This is very useful when you have lots of people with different permissions using Redmine. Every time someone canĀ“t do something, I have to go there and ask him to show me, so I can figure out what permission is missing.
Updated by Anonymous over 12 years ago
+1!
That would be really helpful when adding and defining new roles like a product manager.
A work-around would be having a special test user with internal authentication and assigning him to different roles. But if you need to test different users with different rights - as mentioned above - this approach is falling short.
Updated by William Conley over 12 years ago
+1
I recently built this feature for an OSCommerce installation and find it Very Useful. Eventually I'll build it for Redmine (I was here checking to see if redmine has it already ...). It would be very cool if someone built it ... first.
Updated by Jan Niggemann (redmine.org team member) over 12 years ago
Hi William, any progress on this? It would be really cool...
Updated by William Conley over 12 years ago
Nope. No time as yet. But I've needed it a couple times. Had to settle for "assigning" the Issue to the person in question instead of "creating the issue" in their login for them. For now.
The OSCommerce one took only a few hours to perfect, but I have not begun this one.
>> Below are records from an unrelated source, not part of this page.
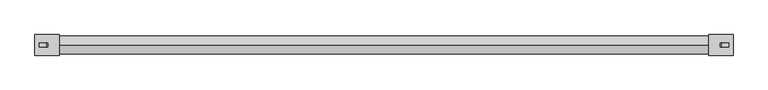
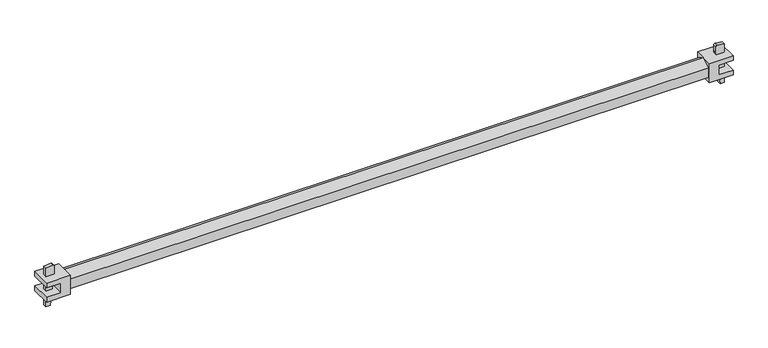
"""IFC4 building model written with IfcOpenShell, lengths in millimetres: proxy geometry, AK_アルバトロスＡＫ布材L=1500_軽 : AK_アルバトロスＡＫ布材L=1500_軽."""

from ifc_helpers import new_model, si_unit, point, frame, frame_2d, origin, place, context, project, spatial, polyline, circle_curve, trimmed, segment, composite_curve, outline, extrude, source, transform, mapped, element, save


def generic_models_34d79544(model_context):
    return source(origin(), model_context, "Body", "SweptSolid", [
        extrude(outline(polyline([(-10.75, 21.0591948), (-21.5, 21.0591948), (-21.5, 71.4999948), (21.5, 71.4999948), (21.5, 21.0591948), (10.75, 21.0591948), (10.75, 51.2999948), (-10.75, 51.2999948), (-10.75, 21.0591948)])), frame((0.0, -21.5, 0.0), z_axis=(0.0, 1.0, 0.0), x_axis=(0.0, 0.0, 1.0)), (0.0, 0.0, 1.0), 43.0),
        extrude(outline(composite_curve([segment(trimmed(circle_curve(frame_2d((39.0692, 44.7999948)), 3.0), [point((39.0692, 47.7999948))], [point((42.0590201, 44.5530624))], False, "CARTESIAN"), True, "CONTINUOUS"), segment(polyline([(42.0590201, 44.5530624), (40.7682926, 29.7999948), (-45.68165, 29.7999948), (-45.68165, 38.5388196), (27.3200065, 47.7999948), (39.0692, 47.7999948)]), True, "CONTINUOUS")], self_intersect=False)), frame((0.0, -4.0, 0.0), z_axis=(0.0, 1.0, 0.0), x_axis=(0.0, 0.0, 1.0)), (0.0, 0.0, 1.0), 8.0),
        extrude(outline(polyline([(-10.75, 1478.9408), (-10.75, 1448.7), (10.75, 1448.7), (10.75, 1478.9408), (21.5, 1478.9408), (21.5, 1428.5), (-21.5, 1428.5), (-21.5, 1478.9408), (-10.75, 1478.9408)])), frame((0.0, -21.5, 0.0), z_axis=(0.0, 1.0, 0.0), x_axis=(0.0, 0.0, 1.0)), (0.0, 0.0, 1.0), 43.0),
        extrude(outline(composite_curve([segment(polyline([(39.0692, 1452.2), (27.3200065, 1452.2), (-45.68165, 1461.4611752), (-45.68165, 1470.2), (40.7682926, 1470.2), (42.0590201, 1455.4469324)]), True, "CONTINUOUS"), segment(trimmed(circle_curve(frame_2d((39.0692, 1455.2)), 3.0), [point((42.0590201, 1455.4469324))], [point((39.0692, 1452.2))], False, "CARTESIAN"), True, "CONTINUOUS")], self_intersect=False)), frame((0.0, -4.0, 0.0), z_axis=(0.0, 1.0, 0.0), x_axis=(0.0, 0.0, 1.0)), (0.0, 0.0, 1.0), 8.0),
        extrude(outline(polyline([(-18.4896424, 10.675), (0.0, 21.35), (18.4896424, 10.675), (18.4896424, -10.675), (0.0, -21.35), (-18.4896424, -10.675), (-18.4896424, 10.675)])), frame((71.4999948, 0.0, 0.0), z_axis=(1.0, 0.0, 0.0), x_axis=(0.0, 1.0, 0.0)), (0.0, 0.0, 1.0), 1357.0000052),
    ])


if __name__ == "__main__":
    model = new_model("IFC4")
    model_context = context("Model", 3, world=origin())
    ifc_project = project(units=[si_unit("LENGTHUNIT", "METRE", prefix="MILLI")], contexts=[model_context])
    site = spatial("IfcSite", under=ifc_project)
    building = spatial("IfcBuilding", under=site)
    placement = place(None, origin())
    generic_models_shape = generic_models_34d79544(model_context)
    element("IfcBuildingElementProxy", 1, Name="AK_アルバトロスＡＫ布材L=1500_軽 : AK_アルバトロスＡＫ布材L=1500_軽", ObjectType="AK_アルバトロスＡＫ布材L=1500_軽 : AK_アルバトロスＡＫ布材L=1500_軽", at=placement, inside=building, context=model_context, shape_type="MappedRepresentation", body=[
        mapped(generic_models_shape, transform((0.0, 0.0, 0.0), x_axis=(1.0, 0.0, 0.0), y_axis=(0.0, 1.0, 0.0), z_axis=(0.0, 0.0, 1.0))),
    ])
    save(model, "model.ifc")

Yet.
Last thing I built (needed!!) was a daily email showing all issues that were "out of line"
It shows items beyond due date. Also beyond our service level (# of days based on start date and tracker). It checks the selected tracker and our present response time for that tracker, which is renamed service level, and compares to see if it is "beyond" the response time. Lists those beyond.
We also modified "Priority" to which we've added "HOLD" and "Question for client" (the daily email ignores these two priorities, since we are waiting for the client and have nothing to do).
Sectioned by Tracker, then sorted by Priority and Start date (descending, of course), we now have a daily email to tell me who is and isn't keeping up with their workload. And whether our Approx Response Times require adjustment! (Eventually, it'll just be calculated instead and adjusted by this daily process, but that's down the road!)
Updated by Jan Niggemann (redmine.org team member) over 12 years ago
William Conley wrote:
Nope. No time as yet. But I've needed it a couple times.
Dang, just today I'd have needed this a couple of times...
The OSCommerce one took only a few hours to perfect, but I have not begun this one. Yet.
I'm not fluent in Ruby / RoR, otherwise I could have contributed.
Last thing I built (needed!!) was a daily email showing all issues that were "out of line"
Isn't there a rake task for this?
Sectioned by Tracker, then sorted by Priority and Start date (descending, of course), we now have a daily email to tell me who is and isn't keeping up with their workload. And whether our Approx Response Times require adjustment! (Eventually, it'll just be calculated instead and adjusted by this daily process, but that's down the road!)
OK, that's more than the default rake task does...
Updated by Moritz Koehler almost 10 years ago
Here is a Plugin that works for me.
I use Redmine 2.6.
Updated by James H almost 10 years ago
The easiest thing for me was:
Make "NPC" users (i named them according to their respective position or role) and have the same SUPER SIMPLE password for all of them (i also changed the password rules to accomodate for an even simpler password before changing the rules back).
Make changes as an admin. If i need to test a feature and I need to see the view as a certain role... I log in as that role/user and do what I need. Log back in as admin to make more changes. etc.
I also have these members set up in a project like real users might be set up in a real project. This helps me to create an analogous environment to test similar situations and try to reproduce issues.
This is almost as easy as using some sort of "impersonate" feature, and to me, it is more definitive flexible and error-free (from a data standpoint).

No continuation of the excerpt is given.